# print/freetype2 can't apply own patchset



## blackout24 (Mar 18, 2013)

Hello,

I'm trying to patch print/freetype2 with the Infinality patchsets so I don't have ugly fonts anymore.

There is a FreeBSD related thread on this here:
http://www.infinality.net/forum/viewtopic.php?f=2&t=175

The last poster mentioned that he applied those patches during port compilation. I want to do the same.
I read the handbook on patching: http://www.freebsd.org/doc/en_US.ISO8859-1/books/porters-handbook/slow-patch.html

There is already a patch-aa in /usr/ports/print/freetype2/files. I looked at it to understand how a patch is structured. 

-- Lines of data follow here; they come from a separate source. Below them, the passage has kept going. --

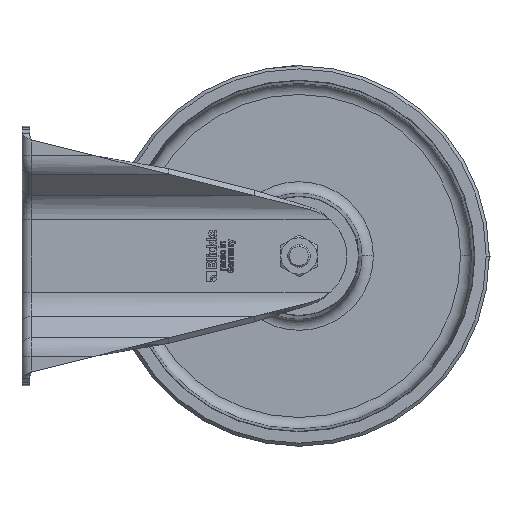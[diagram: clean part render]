
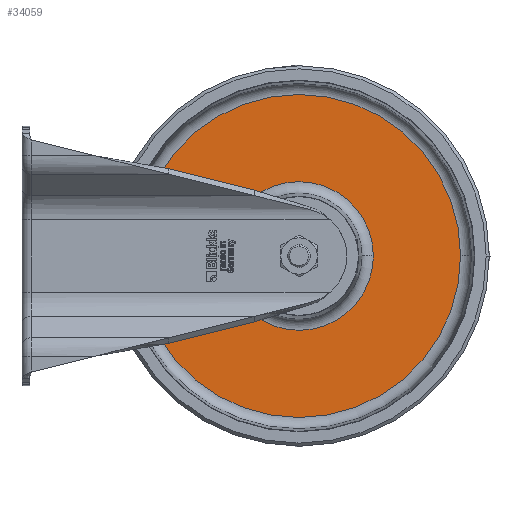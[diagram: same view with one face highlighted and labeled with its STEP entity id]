
A CAD part, left-side view. The second image highlights one B-rep face of the part: STEP entity #34059.
In plain terms, the highlighted planar face has unit normal (-1, 0, 0).
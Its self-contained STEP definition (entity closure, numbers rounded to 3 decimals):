
#31 = CARTESIAN_POINT ( 'NONE',  ( -4., 0., 0. ) ) ;
#897 = CARTESIAN_POINT ( 'NONE',  ( -4., 0., 0. ) ) ;
#972 = AXIS2_PLACEMENT_3D ( 'NONE', #59979, #19894, #71205 ) ;
#2782 = ORIENTED_EDGE ( 'NONE', *, *, #6545, .T. ) ;
#2957 = PLANE ( 'NONE',  #52099 ) ;
#6545 = EDGE_CURVE ( 'NONE', #53524, #32072, #33508, .T. ) ;
#10493 = CARTESIAN_POINT ( 'NONE',  ( -4., 38.904, -0.115 ) ) ;
#15818 = FACE_OUTER_BOUND ( 'NONE', #26517, .T. ) ;
#17130 = DIRECTION ( 'NONE',  ( 0., 1., 0. ) ) ;
#19894 = DIRECTION ( 'NONE',  ( 1., 0., 0. ) ) ;
#20398 = ORIENTED_EDGE ( 'NONE', *, *, #65439, .F. ) ;
#23624 = CARTESIAN_POINT ( 'NONE',  ( -4., 84.533, -0.25 ) ) ;
#24424 = ORIENTED_EDGE ( 'NONE', *, *, #39875, .T. ) ;
#26250 = CARTESIAN_POINT ( 'NONE',  ( -4., -38.904, 0.115 ) ) ;
#26460 = CIRCLE ( 'NONE', #55540, 84.534 ) ;
#26517 = EDGE_LOOP ( 'NONE', ( #20398, #54117 ) ) ;
#28982 = DIRECTION ( 'NONE',  ( 0., 1., 0. ) ) ;
#31969 = AXIS2_PLACEMENT_3D ( 'NONE', #31, #33951, #39434 ) ;
#32072 = VERTEX_POINT ( 'NONE', #10493 ) ;
#33508 = CIRCLE ( 'NONE', #31969, 38.904 ) ;
#33839 = CARTESIAN_POINT ( 'NONE',  ( -4., -84.533, 0.25 ) ) ;
#33866 = DIRECTION ( 'NONE',  ( 1., 0., 0. ) ) ;
#33951 = DIRECTION ( 'NONE',  ( 1., 0., 0. ) ) ;
#34059 = ADVANCED_FACE ( 'NONE', ( #15818, #61254 ), #2957, .F. ) ;
#34946 = CARTESIAN_POINT ( 'NONE',  ( -4., 0., 0. ) ) ;
#39434 = DIRECTION ( 'NONE',  ( 0., 1., 0. ) ) ;
#39590 = DIRECTION ( 'NONE',  ( 0., 1., 0. ) ) ;
#39875 = EDGE_CURVE ( 'NONE', #32072, #53524, #70190, .T. ) ;
#40117 = VERTEX_POINT ( 'NONE', #33839 ) ;
#40677 = DIRECTION ( 'NONE',  ( 1., 0., 0. ) ) ;
#46887 = EDGE_CURVE ( 'NONE', #56570, #40117, #26460, .T. ) ;
#52099 = AXIS2_PLACEMENT_3D ( 'NONE', #62204, #33866, #39590 ) ;
#53524 = VERTEX_POINT ( 'NONE', #26250 ) ;
#53817 = AXIS2_PLACEMENT_3D ( 'NONE', #34946, #40677, #28982 ) ;
#54117 = ORIENTED_EDGE ( 'NONE', *, *, #46887, .F. ) ;
#55540 = AXIS2_PLACEMENT_3D ( 'NONE', #897, #68894, #17130 ) ;
#56570 = VERTEX_POINT ( 'NONE', #23624 ) ;
#59979 = CARTESIAN_POINT ( 'NONE',  ( -4., 0., 0. ) ) ;
#61254 = FACE_BOUND ( 'NONE', #70419, .T. ) ;
#62204 = CARTESIAN_POINT ( 'NONE',  ( -4., 0., 0. ) ) ;
#64801 = CIRCLE ( 'NONE', #53817, 84.534 ) ;
#65439 = EDGE_CURVE ( 'NONE', #40117, #56570, #64801, .T. ) ;
#68894 = DIRECTION ( 'NONE',  ( 1., 0., 0. ) ) ;
#70190 = CIRCLE ( 'NONE', #972, 38.904 ) ;
#70419 = EDGE_LOOP ( 'NONE', ( #24424, #2782 ) ) ;
#71205 = DIRECTION ( 'NONE',  ( 0., 1., 0. ) ) ;

Simply putting the patchfiles from freetype-infinality-2.4.8-20111223_2-x86_64.tar.bz2 into /files[/quote] and doing [cmd=""]make install clean[/cmd] didn't work it always asked "What file to Patch:". So I changed the patchfiles so they are more like the default patch.

http://pastebin.com/qj4PiZaM 
http://pastebin.com/nhxPV230
http://pastebin.com/PaaGsbDA

These are my current patch files.

I enter the ports directory. Do `# make clean` and `# make install clean` and get this output.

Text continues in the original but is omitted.